RECORDED DATA>

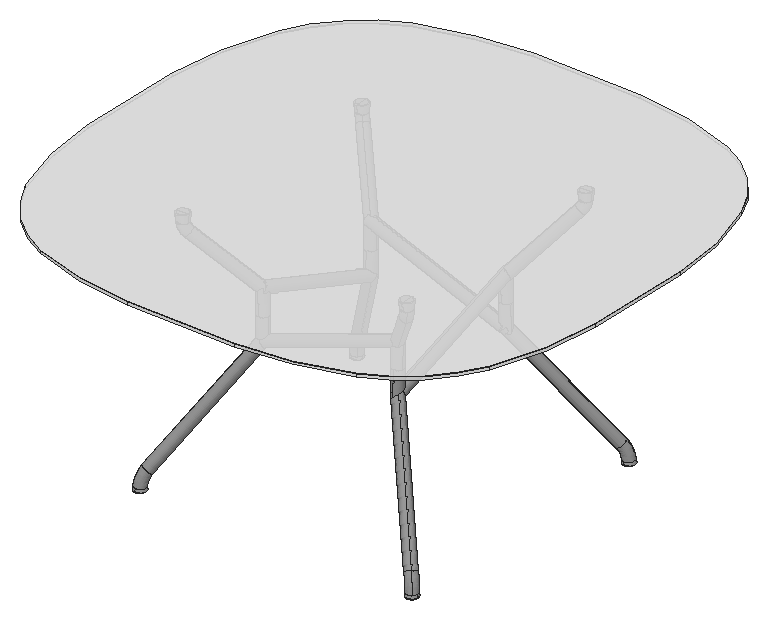
Revit family "Haworth_Cappellini_Branch_Table_Square_AP_PRELIMINARY", category Furniture, Revit 2019
Family settings
  OmniClass Number = 23.40.70.14.64.21
  OmniClass Title = Systems Furniture
  Work Plane-Based = No
  Always vertical = Yes
  Cut with Voids When Loaded = No
  Shared = No
  Room Calculation Point = No
Parameters (values of type "Square")
  Warranty = "http://www.haworth.com/resources/product-info/warranties"
  URL - Product = "https://www.haworth.com/ap/en/products/meeting-tables/branch.html"
  Top Finish [instance] = Haworth _ Glass _ Frosted
  Model = "BR_2XX"  # constant formula
  URL = "https://www.haworth.com/ap/en.html"
  Size = "Verify Final Dim. w/ Haworth"  # constant formula
  Revision Number = "1"  # constant formula
  Manufacturer = "Haworth"  # constant formula
  Description = "Haworth - Cappellini - Branch - Table - 1500w"  # constant formula
  Base Finish [instance] = Haworth _ Polymer _ Undecided
  Author = "Haworth (Hampton, Abd Rahman)"  # constant formula
  Assembly Code = "E2020200"
  Actual Width = 1500 mm  # constant formula
  Actual Height = 730 mm  # constant formula
  Table Thickness = 10 mm  # constant formula
  Actual Depth = 1500 mm  # constant formula
Reference planes
  plane 1 "Center F/B": y = -4.03
  plane 2 "Floor": z = 0
  plane 3 "Center L/R": x = 0
  plane 4 "Table Edge Left": x = -750
  plane 5 "Table Edge Right": x = 750
  plane 6 "Table Edge Front": y = -754.03
  plane 7 "Table Edge Back": y = 745.97
  plane 8 "Table Bottom": z = 730
  plane 9: z = 720
Forms (mm)
  Extrusion 1, solid, material "Haworth _ Glass _ Frosted" <- "Top Finish"
    sketch origin (0, 0, 0) x (1, 0, 0) y (0, 1, 0)
      loop
        arc (462.448, 676.631) -> (312.312, 722.099) -> (156.664, 741.64) r 928.36
        arc (156.664, 741.64) -> (0, 746.602) -> (-156.664, 741.64) r 2475.89
        arc (-156.664, 741.64) -> (-312.312, 722.099) -> (-462.448, 676.631) r 928.36
        arc (-462.448, 676.631) -> (-592.758, 588.366) -> (-680.73, 457.857) r 414.182
        arc (-680.73, 457.857) -> (-726.146, 307.963) -> (-745.738, 152.57) r 929.086
        arc (-745.738, 152.57) -> (-750.699, -4.208) -> (-745.723, -160.985) r 2475.902
        arc (-745.723, -160.985) -> (-726.209, -316.803) -> (-680.73, -467.107) r 929.032
        arc (-680.73, -467.107) -> (-592.536, -596.914) -> (-462.448, -684.691) r 415
        arc (-462.448, -684.691) -> (-312.312, -730.159) -> (-156.664, -749.7) r 928.36
        arc (-156.664, -749.7) -> (0, -754.661) -> (156.664, -749.7) r 2475.89
        arc (156.664, -749.7) -> (312.312, -730.159) -> (462.448, -684.691) r 928.36
        arc (462.448, -684.691) -> (592.536, -596.914) -> (680.73, -467.107) r 415
        arc (680.73, -467.107) -> (726.209, -316.803) -> (745.723, -160.985) r 929.032
        arc (745.723, -160.985) -> (750.699, -4.208) -> (745.738, 152.57) r 2475.902
        arc (745.738, 152.57) -> (726.146, 307.963) -> (680.73, 457.857) r 929.086
        arc (680.73, 457.857) -> (592.758, 588.366) -> (462.448, 676.631) r 414.182
    from 730 to 720
Lines and regions (mm)
  Masking region 1
    outline origin (0, 0, 0) x (1, 0, 0) y (0, 1, 0)
      loop
        arc (156.664, 741.64) -> (0, 746.602) -> (-156.664, 741.64) r 2475.89
        arc (-156.664, 741.64) -> (-312.312, 722.099) -> (-462.448, 676.631) r 928.36
        arc (-462.448, 676.631) -> (-592.667, 588.567) -> (-680.73, 458.347) r 414.517
        arc (-680.73, 458.347) -> (-726.291, 307.605) -> (-745.738, 151.333) r 929.008
        arc (-745.738, 151.333) -> (-750.621, -4.209) -> (-745.723, -159.75) r 2475.824
        arc (-745.723, -159.75) -> (-726.313, -316.196) -> (-680.73, -467.107) r 928.977
        arc (-680.73, -467.107) -> (-592.861, -596.822) -> (-463.148, -684.691) r 414.793
        arc (-463.148, -684.691) -> (-312.657, -730.165) -> (-156.664, -749.7) r 932.056
        arc (-156.664, -749.7) -> (0, -754.661) -> (156.664, -749.7) r 2475.89
        arc (156.664, -749.7) -> (312.312, -730.159) -> (462.448, -684.691) r 928.36
        arc (462.448, -684.691) -> (592.536, -596.914) -> (680.73, -467.107) r 415
        arc (680.73, -467.107) -> (726.209, -316.803) -> (745.723, -160.985) r 929.032
        arc (745.723, -160.985) -> (750.699, -4.208) -> (745.738, 152.57) r 2475.902
        arc (745.738, 152.57) -> (726.425, 309.646) -> (680.73, 461.165) r 928.941
        arc (680.73, 461.165) -> (592.47, 589.631) -> (463.148, 676.631) r 416.28
        arc (463.148, 676.631) -> (312.657, 722.106) -> (156.664, 741.64) r 932.056
Dimensions and locks
  "Actual Depth": plane 7 "Table Edge Back" to plane 6 "Table Edge Front"
  "Actual Width": plane 4 "Table Edge Left" to plane 5 "Table Edge Right"
  equal spacing: plane 4 "Table Edge Left", plane 3 "Center L/R", plane 5 "Table Edge Right"
  equal spacing: plane 7 "Table Edge Back", plane 1 "Center F/B", plane 6 "Table Edge Front"
  "Actual Height": plane 8 "Table Bottom" to level
  "Table Thickness": plane 8 "Table Bottom" to plane 9
  aligned and locked: plane 3 "Center L/R" to nested 1
  aligned and locked: plane 1 "Center F/B" to nested 1
  aligned and locked: plane 8 "Table Bottom" to Extrusion 1
  aligned and locked: Extrusion 1 to plane 9
Automatic sketch dimensions
  Extrusion 1 sketch curve to plane 3 "Center L/R" = 0 mm  (x2)
  Extrusion 1 sketch curve to plane 3 "Center L/R" = 119.259 mm  (x2)
  Extrusion 1 sketch curve to plane 7 "Table Edge Back" = 4.33 mm  (x2)
  Extrusion 1 sketch curve to plane 3 "Center L/R" = 156.664 mm  (x2)
  plane 6 "Table Edge Front" to Extrusion 1 sketch curve = 4.33 mm  (x2)
  Extrusion 1 sketch curve to Extrusion 1 sketch curve = 63.307 mm  (x4)
  Extrusion 1 sketch curve to Extrusion 1 sketch curve = 180.299 mm  (x4)
  Extrusion 1 sketch curve to plane 7 "Table Edge Back" = 69.339 mm  (x2)
  Extrusion 1 sketch curve to Extrusion 1 sketch curve = 305.784 mm  (x4)
  plane 6 "Table Edge Front" to Extrusion 1 sketch curve = 69.339 mm  (x2)
  plane 4 "Table Edge Left" to Extrusion 1 sketch curve = 69.27 mm  (x2)
  plane 4 "Table Edge Left" to Extrusion 1 sketch curve = 4.277 mm
  plane 4 "Table Edge Left" to Extrusion 1 sketch curve = 4.262 mm
  plane 1 "Center F/B" to Extrusion 1 sketch curve = 0.064 mm  (x2)
  Extrusion 1 sketch curve to plane 4 "Table Edge Left" = 975.203 mm
  plane 3 "Center L/R" to Extrusion 1 sketch curve = 119.259 mm  (x2)
  Extrusion 1 sketch curve to plane 5 "Table Edge Right" = 69.27 mm  (x2)
  Extrusion 1 sketch curve to plane 5 "Table Edge Right" = 4.277 mm
  Extrusion 1 sketch curve to plane 5 "Table Edge Right" = 4.262 mm
  plane 5 "Table Edge Right" to Extrusion 1 sketch curve = 975.203 mm
  Extrusion 1 sketch curve to plane 6 "Table Edge Front" = 975.258 mm
  Extrusion 1 sketch curve to Extrusion 1 sketch curve = 217.584 mm  (x2)
  plane 1 "Center F/B" to Extrusion 1 sketch curve = 156.955 mm  (x2)
  Extrusion 1 sketch curve to Extrusion 1 sketch curve = 63.445 mm  (x2)
  plane 7 "Table Edge Back" to Extrusion 1 sketch curve = 975.258 mm
  Masking region 1 sketch curve to plane 3 "Center L/R" = 0 mm  (x2)
  Masking region 1 sketch curve to plane 3 "Center L/R" = 119.259 mm  (x2)
  Masking region 1 sketch curve to plane 7 "Table Edge Back" = 4.33 mm  (x2)
  Masking region 1 sketch curve to plane 3 "Center L/R" = 156.664 mm  (x2)
  Masking region 1 sketch curve to plane 7 "Table Edge Back" = 69.339 mm  (x2)
  Masking region 1 sketch curve to Masking region 1 sketch curve = 305.784 mm  (x2)
  Masking region 1 sketch curve to plane 6 "Table Edge Front" = 975.258 mm
  plane 4 "Table Edge Left" to Masking region 1 sketch curve = 69.27 mm  (x2)
  Masking region 1 sketch curve to plane 3 "Center L/R" = 299.558 mm
  Masking region 1 sketch curve to plane 1 "Center F/B" = 299.49 mm
  plane 4 "Table Edge Left" to Masking region 1 sketch curve = 4.262 mm
  Masking region 1 sketch curve to plane 1 "Center F/B" = 119.191 mm
  plane 3 "Center L/R" to Masking region 1 sketch curve = 182.566 mm  (x2)
  plane 4 "Table Edge Left" to Masking region 1 sketch curve = 4.277 mm
  plane 1 "Center F/B" to Masking region 1 sketch curve = 0.064 mm  (x2)
  plane 5 "Table Edge Right" to Masking region 1 sketch curve = 975.203 mm
  plane 6 "Table Edge Front" to Masking region 1 sketch curve = 286.923 mm
  plane 6 "Table Edge Front" to Masking region 1 sketch curve = 69.339 mm  (x2)
  plane 4 "Table Edge Left" to Masking region 1 sketch curve = 286.852 mm
  Masking region 1 sketch curve to Masking region 1 sketch curve = 180.299 mm  (x2)
  plane 6 "Table Edge Front" to Masking region 1 sketch curve = 4.33 mm  (x2)
  plane 7 "Table Edge Back" to Masking region 1 sketch curve = 975.258 mm
  Masking region 1 sketch curve to Masking region 1 sketch curve = 63.307 mm  (x4)
  Masking region 1 sketch curve to Masking region 1 sketch curve = 116.992 mm
  Masking region 1 sketch curve to plane 5 "Table Edge Right" = 69.27 mm  (x2)
  Masking region 1 sketch curve to Masking region 1 sketch curve = 217.584 mm
  Masking region 1 sketch curve to plane 5 "Table Edge Right" = 4.277 mm
  plane 1 "Center F/B" to Masking region 1 sketch curve = 156.955 mm
  Masking region 1 sketch curve to plane 4 "Table Edge Left" = 975.203 mm
  Masking region 1 sketch curve to plane 5 "Table Edge Right" = 4.262 mm
  Masking region 1 sketch curve to Masking region 1 sketch curve = 63.445 mm
  Masking region 1 sketch curve to plane 5 "Table Edge Right" = 286.852 mm
Nested families
  nested 1: "Haworth_Branch-Table-Leg4-Part" at (0, 0, 0), type "Base"
Definition of nested family "Haworth_Branch-Table-Leg4-Part"
  Parameters
    Warranty = "http://haworthcollection.com/hc/about-us/certifications-warranties"
    Sustainability Info = "www.haworth.com/en-us/About-Us/Sustainability/Pages/Vision.aspx"
    Support Location Offset = 197.941 mm  # constant formula
    Support Finish = none
    Product Page URL = "http://haworthcollection.com/hc/products/tables-conference/branch"
    Model = "Haworth_Branch-Table-Leg4-Part"  # constant formula
    URL = "http://haworthcollection.com/"
    Support Height = 723.9 mm  # constant formula
    Size = "Verify Final Dim. w/ Haworth"  # constant formula
    Revision Number = "1"  # constant formula
    Manufacturer = "Haworth"  # constant formula
    Description = "Haworth_Branch-Table-Leg4-Part"
    Author = "Haworth (Hampton)"  # constant formula
    Assembly Code = "E2020200"
    Actual Width = 1600.2 mm  # constant formula
    Actual Height = 730.25 mm  # constant formula
    Actual Depth = Actual Width  # 1600.2 mm
  Reference planes
    plane 1 "Center F/B": y = -4.03
    plane 2 "Floor": z = 0
    plane 3 "Center L/R": x = 0
    plane 4 "Table Edge Left": x = -800.1
    plane 5 "Table Edge Right": x = 800.1
    plane 6 "Table Edge Back": y = -803.121
    plane 7 "Table Edge Front": y = 797.079
    plane 8 "Table Bottom": z = 730.25
    plane 9 "Diagonal LR": through (0, -4.03, 1219.2) normal (-0.7071, 0.7071, 0)
    plane 10 "Diagonal RL": through (0, -4.03, 1219.2) normal (-0.7071, -0.7071, 0)
    plane 11 "Support Back": y = 193.911
    plane 12 "Support Front": y = -201.971
    plane 13 "Support Left": x = -197.941
    plane 14 "Support Right": x = 197.941
  Dimensions and locks
    "Actual Depth": plane 7 "Table Edge Front" to plane 6 "Table Edge Back"
    "Actual Width": plane 4 "Table Edge Left" to plane 5 "Table Edge Right"
    equal spacing: plane 4 "Table Edge Left", plane 3 "Center L/R", plane 5 "Table Edge Right"
    plane 7 "Table Edge Front" to plane 1 "Center F/B" to plane 6 "Table Edge Back" = 801.109 mm, 799.091 mm
    "Actual Height": plane 8 "Table Bottom" to level
    "Support Location Offset": plane 13 "Support Left" to plane 3 "Center L/R"
    "Support Location Offset": plane 3 "Center L/R" to plane 14 "Support Right"
    "Support Location Offset": plane 11 "Support Back" to plane 1 "Center F/B"
    "Support Location Offset": plane 12 "Support Front" to plane 1 "Center F/B"
    aligned and locked: nested 1 to plane 14 "Support Right"
    aligned and locked: nested 2 to plane 12 "Support Front"
    aligned and locked: nested 2 to plane 14 "Support Right"
    aligned and locked: plane 14 "Support Right" to nested 3
    aligned and locked: plane 11 "Support Back" to nested 3
    aligned and locked: nested 4 to plane 13 "Support Left"
    aligned and locked: plane 12 "Support Front" to nested 4
  Nested families
    nested 1: "Haworth_Branch-Table-Leg-Part" at (-197.925, -197.941, 0), type "Haworth_Branch-Table-Leg-Part"
    nested 2: "Haworth_Branch-Table-Leg-Part" at (193.911, -201.971, 0) x (0, 1, 0) z (0, 0, 1), type "Haworth_Branch-Table-Leg-Part"
    nested 3: "Haworth_Branch-Table-Leg-Part" at (197.941, 189.882, 0) x (-1, 0, 0) z (0, 0, 1), type "Haworth_Branch-Table-Leg-Part"
    nested 4: "Haworth_Branch-Table-Leg-Part" at (-193.911, 193.895, 0) x (0, -1, 0) z (0, 0, 1), type "Haworth_Branch-Table-Leg-Part"
  Definition of nested family "Haworth_Branch-Table-Leg-Part"
    Parameters
      Warranty = "http://haworthcollection.com/hc/about-us/certifications-warranties"
      Support Location_Front_Back = 70.644 mm  # constant formula
      Support Location Offset = 146.05 mm  # constant formula
      Support Finish = none
      Model = "Haworth_Branch-Table-Leg-Part"  # constant formula
      URL = "http://haworthcollection.com/"
      Support Height = 443.508 mm  # constant formula
      Size = "Verify Final Dim. w/ Haworth"  # constant formula
      Revision Number = "1"  # constant formula
      Standard Height = "29 in."  # constant formula
      Manufacturer = "Haworth"  # constant formula
      Description = "Haworth_Branch-Table-Leg-Part"
      Author = "Haworth (Hampton)"  # constant formula
      Assembly Code = "E2020200"
      Actual Width = 726.678 mm  # constant formula
      Actual Height = 723.999 mm  # constant formula
      Actual Depth = 201.414 mm  # constant formula
    Reference planes
      plane 1 "Center F/B": y = -4.03
      plane 2 "Floor": z = 0
      plane 3 "Support Left Middle": x = 0
      plane 4 "Left Bottom": y = -205.444
      plane 5 "Right Bottom": y = -134.8
      plane 6 "Support Right Middle": x = 395.866
      plane 7 "Table Top Bottom": z = 723.999
      plane 8 "Support Middle Attach": z = 443.508
      plane 9 "Support Left Bottom": x = -200.21
      plane 10 "Support Right Top": x = 526.468
      plane 11 "Bottom Angel": through (0, -4.03, 1219.2) normal (0.7092, -0.705, 0)
      plane 12 "Top Angel": through (395.866, -4.03, 1219.2) normal (0.7076, 0.7067, 0)
      plane 13 "Support Left Middle Bottom": z = 365.998
      plane 14 "Support Right Middle Top": z = 520.062
    Forms (mm)
      Revolve 1, solid, material <- "Support Finish"
        sketch origin (-200.21, 0, 0) x (0, 1, 0) y (0, 0, 1)
          loop
            line (-205.444, 0) -> (-205.444, 10) -> (-218.111, 10) -> (-219.214, 9.228) -> (-222.703, 0.592) -> (-222.11, 0) -> (-205.444, 0)
          axis (-205.444, 10) -> (-205.444, 0)
        angle from 0 to 360
      Revolve 2, solid, material <- "Support Finish"
        sketch origin (526.468, 0, 0) x (0, 1, 0) y (0, 0, 1)
          loop
            line (-134.8, 723.999) -> (-151.474, 723.999) -> (-152.937, 722.536) -> (-151.013, 700.546) -> (-150.582, 699.8) -> (-134.8, 699.8) -> (-134.8, 723.999)
          axis (-134.8, 723.999) -> (-134.8, 699.8)
        angle from 0 to 360
      Sweep 3, solid, material <- "Support Finish"
        path origin (2.015, -2.003, 0) x (0.704983, 0.709224, 0) y (0, 0, 1)
          loop
            line (0.572, 379.12) -> (-269.132, 53.782)
            arc (-269.132, 53.782) -> (-281.384, 33.265) -> (-286.848, 10) r 77.977
        profile origin (-92.65, -97.238, 216.451) x (0.542739, 0.546004, -0.638212) y (0.709224, -0.704983, 0)
          loop
            circle (0, 0) r 15.875
      Sweep 4, solid, material <- "Support Finish"
        path origin (196.17, 195.92, 0) x (-0.706657, 0.707556, 0) y (0, 0, 1)
          loop
            line (-282.118, 512.195) -> (-455.18, 673.578)
            arc (-455.18, 673.578) -> (-463.788, 685.5) -> (-467.218, 699.8) r 37.95
        profile origin (456.678, -64.92, 592.886) x (0.481939, -0.482552, -0.731354) y (0.707556, 0.706657, 0)
          loop
            circle (0, 0) r 15.875
      Sweep 5, solid, material <- "Support Finish"
        path origin (0, -4.03, 0) x (1, 0, 0) y (0, 0, 1)
          loop
            line (3.024, 374.596) -> (403.644, 517.814)
        profile origin (203.334, -4.03, 446.205) x (-0.336626, 0, 0.941638) y (0, -1, 0)
          loop
            circle (0, 0) r 15.875
      Blend 6, solid, material <- "Support Finish"
        base sketch origin (0, 0, 365.998) x (-1, 0, 0) y (0, -1, 0)
          loop
            spline (19.05, 4.03) -> (18.401, 7.317) -> (16.498, 10.38) -> (13.47, 13.01) -> (9.525, 15.028) -> (4.931, 16.297) -> (0, 16.73) -> (-4.931, 16.297) -> (-9.525, 15.028) -> (-13.47, 13.01) -> (-16.498, 10.38) -> (-18.401, 7.317) -> (-19.05, 4.03)
            spline (-19.05, 4.03) -> (-18.401, 0.743) -> (-16.498, -2.32) -> (-13.47, -4.95) -> (-9.525, -6.969) -> (-4.931, -8.237) -> (0, -8.67) -> (4.931, -8.237) -> (9.525, -6.969) -> (13.47, -4.95) -> (16.498, -2.32) -> (18.401, 0.743) -> (19.05, 4.03)
        top sketch origin (0, 0, 365.998) x (-1, 0, 0) y (0, -1, 0)
          loop
            circle (0, 4.03) r 15.875
        from 0 to 77.51
      Blend 7, solid, material <- "Support Finish"
        base sketch origin (0, 0, 0) x (1, 0, 0) y (0, 1, 0)
          loop
            circle (395.866, -4.03) r 15.875
        top sketch origin (0, 0, 0) x (1, 0, 0) y (0, 1, 0)
          loop
            spline (414.916, -4.03) -> (414.267, -0.743) -> (412.364, 2.32) -> (409.336, 4.95) -> (405.391, 6.969) -> (400.796, 8.237) -> (395.866, 8.67) -> (390.935, 8.237) -> (386.341, 6.969) -> (382.396, 4.95) -> (379.368, 2.32) -> (377.465, -0.743) -> (376.816, -4.03)
            spline (376.816, -4.03) -> (377.465, -7.317) -> (379.368, -10.38) -> (382.396, -13.01) -> (386.341, -15.028) -> (390.935, -16.297) -> (395.866, -16.73) -> (400.796, -16.297) -> (405.391, -15.028) -> (409.336, -13.01) -> (412.364, -10.38) -> (414.267, -7.317) -> (414.916, -4.03)
        from 443.508 to 520.062
    Cuts and joins
      joined: Sweep 3, Sweep 4, Sweep 5, Blend 6, Blend 7
    Lines and regions (mm)
      symbolic lines, detail levels medium+fine
        curve 1: spline (-211.366, -216.668, 365.998) -> (-213.9, -213.389, 365.998) -> (-215.501, -209.568, 365.998) -> (-216.059, -205.466, 365.998) -> (-215.538, -201.363, 365.998) -> (-213.971, -197.537, 365.998) -> (-211.467, -194.25, 365.998) -> (-208.195, -191.726, 365.998) -> (-204.379, -190.137, 365.998) -> (-200.279, -189.591, 365.998) -> (-196.174, -190.125, 365.998) -> (-192.343, -191.702, 365.998) -> (-189.049, -194.216, 365.998)
        curve 2: spline (-189.049, -194.216, 365.998) -> (-186.515, -197.495, 365.998) -> (-184.915, -201.316, 365.998) -> (-184.356, -205.418, 365.998) -> (-184.878, -209.521, 365.998) -> (-186.444, -213.347, 365.998) -> (-188.949, -216.634, 365.998) -> (-192.221, -219.158, 365.998) -> (-196.037, -220.747, 365.998) -> (-200.137, -221.294, 365.998) -> (-204.242, -220.76, 365.998) -> (-208.072, -219.182, 365.998) -> (-211.366, -216.668, 365.998)
        curve 3: arc (15.875, -4.03, 365.998) -> (0, 11.845, 365.998) -> (-15.875, -4.03, 365.998) r 15.875
        curve 4: arc (-15.875, -4.03, 365.998) -> (0, -19.905, 365.998) -> (15.875, -4.03, 365.998) r 15.875
        curve 5: arc (379.991, -4.03, 365.998) -> (395.866, 11.845, 365.998) -> (411.741, -4.03, 365.998) r 15.875
        curve 6: arc (411.741, -4.03, 365.998) -> (395.866, -19.905, 365.998) -> (379.991, -4.03, 365.998) r 15.875
        curve 7: arc (526.468, -151.474, 365.998) -> (509.795, -134.8, 365.998) -> (526.468, -118.127, 365.998) r 16.673
        curve 8: arc (526.468, -118.127, 365.998) -> (543.142, -134.8, 365.998) -> (526.468, -151.474, 365.998) r 16.673
        curve 9: line (515.033, -146.935, 365.998) -> (384.48, -15.092, 365.998)
        curve 10: line (408.044, 6.154, 365.998) -> (538.921, -123.712, 365.998)
        curve 11: line (395.866, 11.845, 365.998) -> (0, 11.845, 365.998)
        curve 12: line (0, -19.905, 365.998) -> (395.866, -19.905, 365.998)
        curve 13: line (11.467, -15.008, 365.998) -> (-189.688, -217.262, 365.998)
        curve 14: line (-211.465, -194.249, 365.998) -> (-10.475, 7.899, 365.998)
    Dimensions and locks
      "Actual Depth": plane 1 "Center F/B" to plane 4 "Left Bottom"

TASK STATEMENT> Copy verbatim, from the listing above, each line from the one containing "region 1 sketch curve = 180.299" down to the one containing "curve = 116.992 mm", inclusive.

EXERCISE ANSWER>
  Masking region 1 sketch curve to Masking region 1 sketch curve = 180.299 mm  (x2)
  plane 6 "Table Edge Front" to Masking region 1 sketch curve = 4.33 mm  (x2)
  plane 7 "Table Edge Back" to Masking region 1 sketch curve = 975.258 mm
  Masking region 1 sketch curve to Masking region 1 sketch curve = 63.307 mm  (x4)
  Masking region 1 sketch curve to Masking region 1 sketch curve = 116.992 mm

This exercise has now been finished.